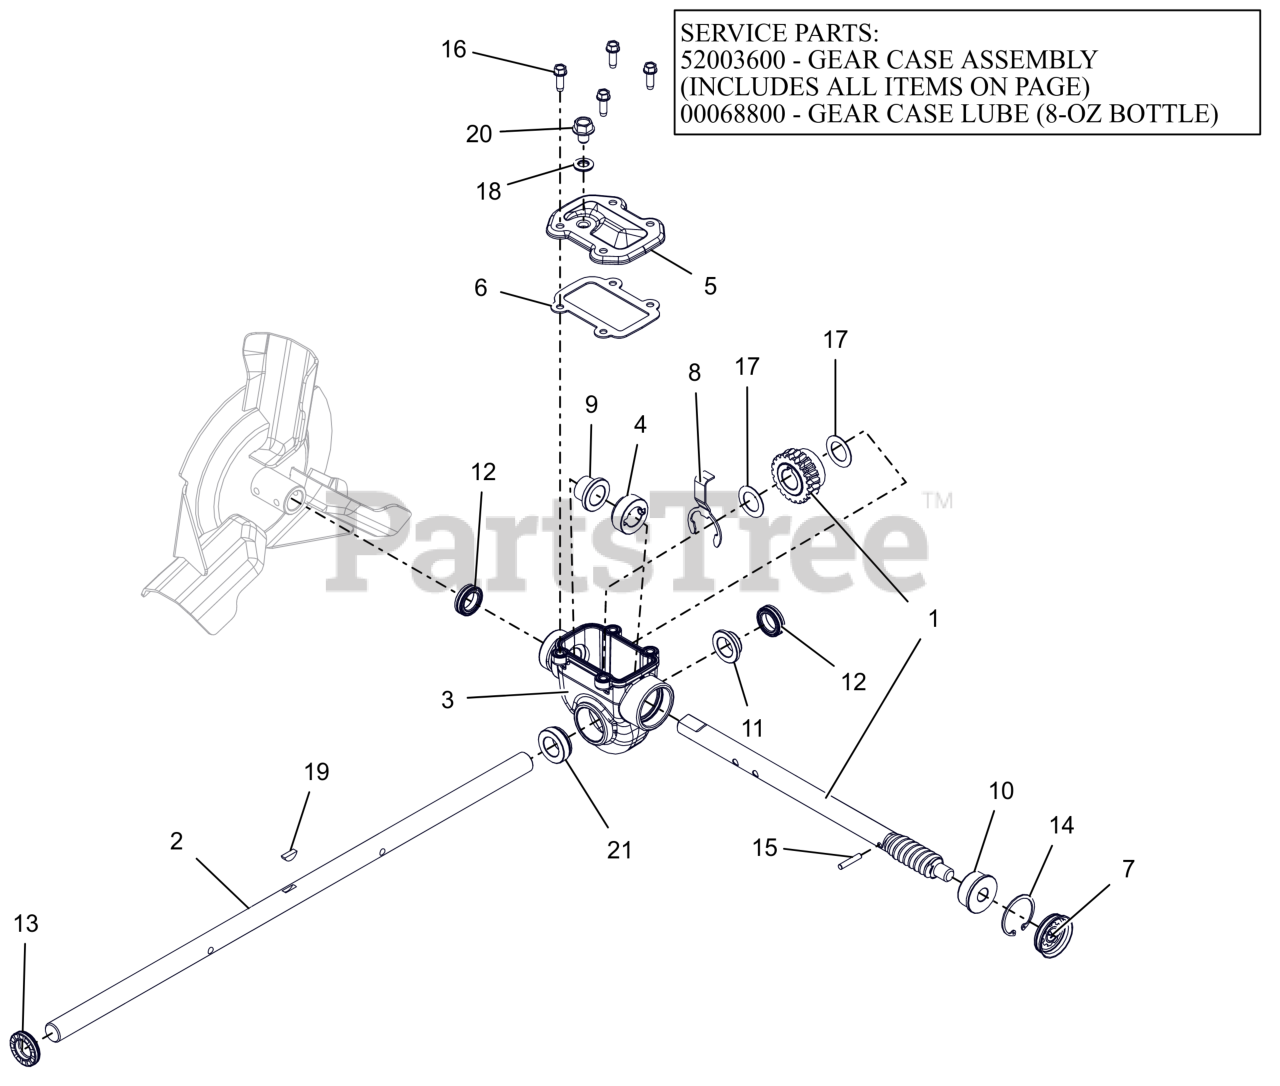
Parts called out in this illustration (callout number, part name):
1	SHAFT AND WORM GEAR ASSEMBLY
2	SHAFT, RAKE - 24" (.750 DIA)
3	GEARCASE, COMPACT ALUMINUM
3	GEAR CASE, 24" ALUM SM TOP-LD
3	ARIENS L3 LUBE, 8 OZ BOTTLE
4	THRUST COLLAR, .75" ID SLIPFIT
5	COVER, TOP - COMPACT
6	GASKET, TOP - COMPACT GEARCASE
7	COVER, GEAR CASE 1.50"
8	BUSHING RETAINER, COMPACT
9	BSHG-FLG .755X.878X.75X1.25
10	BSHG-FLG .503X1.303X.62X1.465
11	BSHG-FLG .755X.878X.424X1.25
12	SEAL-OIL .748X1.125X.312 TBC29
13	SEAL-OIL .748X1.300X.250 TBC29
14	RG-RTNG-INT 1.500X.050
15	PIN-STR .188X1.00 6150
16	SCR,TAP .25-20X.75 HWH TR ZCC
17	WSHR, FLT .760X1.225X.032 ZCC
18	WSHR-BND-SEAL .38X.75X.11 GALV
19	KEY-WDRF .19X.63 HRD #61
20	SCR,TAP .38-15X.50 HWH ROLOK
21	BSHG-FLG COMPACT, RIGHT
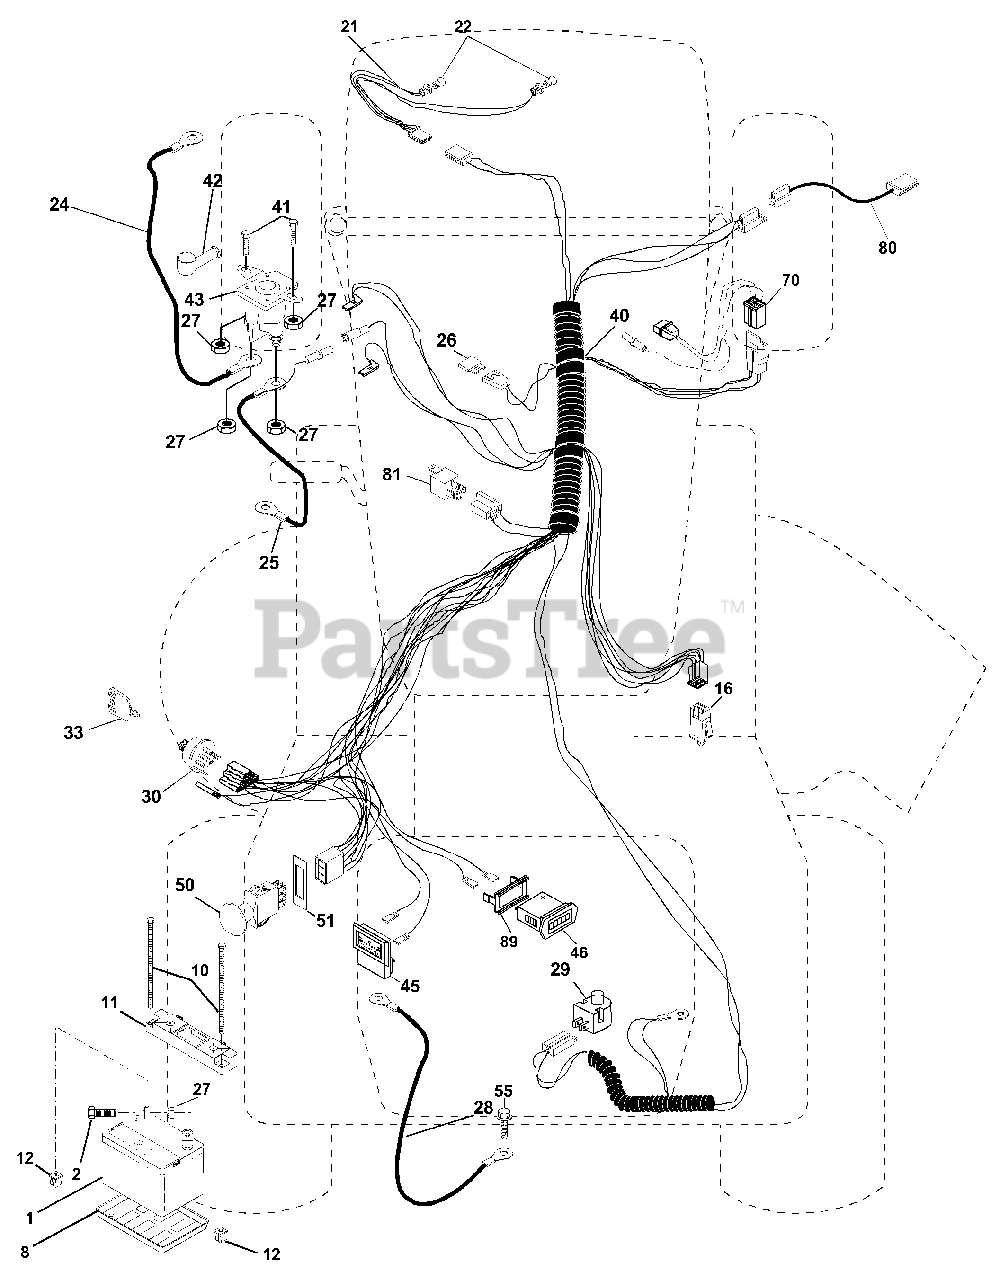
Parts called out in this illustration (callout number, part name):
1	Battery 12 Volt 28 AMP
2	Bolt Hex Hd 1/4-20 UNC X 3/4
8	Tray, Battery
10	Bolt, BTR FRT 1/4-20 x 7.5
11	Hold Down Battery, Front
12	Nut, Push, Nylon
16	Switch Interlock Push-In
21	Harness Asm Light W/4152j
22	Bulb Light #1156
24	Cable Battery 6 Ga 11" red
25	Cable Batterywire
26	Fuse 15 AMP
27	Nut Keps Hex 1/4-20 Unc
28	Cable Ground
29	Switch Plunger Normal OP Olive
30	Switch Ign 4 pos w/lights
33	Key Ign
40	Harness Ign.
41	Bolt Blk Fin Hex 1/4 - 20 x 1/2
42	Cover Terminal Red
43	Solenoid
45	Ammeter Rectangular
46	Hourmeter Snap-In
50	Switch, PTO 3PDT Black Delta
51	Ring Retainer PTO
55	Screw Thdrol 5/16-18 x 1/2
70	Harness, Eng.
80	Harness, Clutch EVX
81	Relay Asm
89	Bracket Snap-In
━━━━━━
EXERCISE AIM: Reproduce the records above word for word, without the images.

YOUR SOLUTION:
Parts called out in this illustration (callout number, part name):
1	SHAFT AND WORM GEAR ASSEMBLY
2	SHAFT, RAKE - 24" (.750 DIA)
3	GEARCASE, COMPACT ALUMINUM
3	GEAR CASE, 24" ALUM SM TOP-LD
3	ARIENS L3 LUBE, 8 OZ BOTTLE
4	THRUST COLLAR, .75" ID SLIPFIT
5	COVER, TOP - COMPACT
6	GASKET, TOP - COMPACT GEARCASE
7	COVER, GEAR CASE 1.50"
8	BUSHING RETAINER, COMPACT
9	BSHG-FLG .755X.878X.75X1.25
10	BSHG-FLG .503X1.303X.62X1.465
11	BSHG-FLG .755X.878X.424X1.25
12	SEAL-OIL .748X1.125X.312 TBC29
13	SEAL-OIL .748X1.300X.250 TBC29
14	RG-RTNG-INT 1.500X.050
15	PIN-STR .188X1.00 6150
16	SCR,TAP .25-20X.75 HWH TR ZCC
17	WSHR, FLT .760X1.225X.032 ZCC
18	WSHR-BND-SEAL .38X.75X.11 GALV
19	KEY-WDRF .19X.63 HRD #61
20	SCR,TAP .38-15X.50 HWH ROLOK
21	BSHG-FLG COMPACT, RIGHT
Parts called out in this illustration (callout number, part name):
1	Battery 12 Volt 28 AMP
2	Bolt Hex Hd 1/4-20 UNC X 3/4
8	Tray, Battery
10	Bolt, BTR FRT 1/4-20 x 7.5
11	Hold Down Battery, Front
12	Nut, Push, Nylon
16	Switch Interlock Push-In
21	Harness Asm Light W/4152j
22	Bulb Light #1156
24	Cable Battery 6 Ga 11" red
25	Cable Batterywire
26	Fuse 15 AMP
27	Nut Keps Hex 1/4-20 Unc
28	Cable Ground
29	Switch Plunger Normal OP Olive
30	Switch Ign 4 pos w/lights
33	Key Ign
40	Harness Ign.
41	Bolt Blk Fin Hex 1/4 - 20 x 1/2
42	Cover Terminal Red
43	Solenoid
45	Ammeter Rectangular
46	Hourmeter Snap-In
50	Switch, PTO 3PDT Black Delta
51	Ring Retainer PTO
55	Screw Thdrol 5/16-18 x 1/2
70	Harness, Eng.
80	Harness, Clutch EVX
81	Relay Asm
89	Bracket Snap-In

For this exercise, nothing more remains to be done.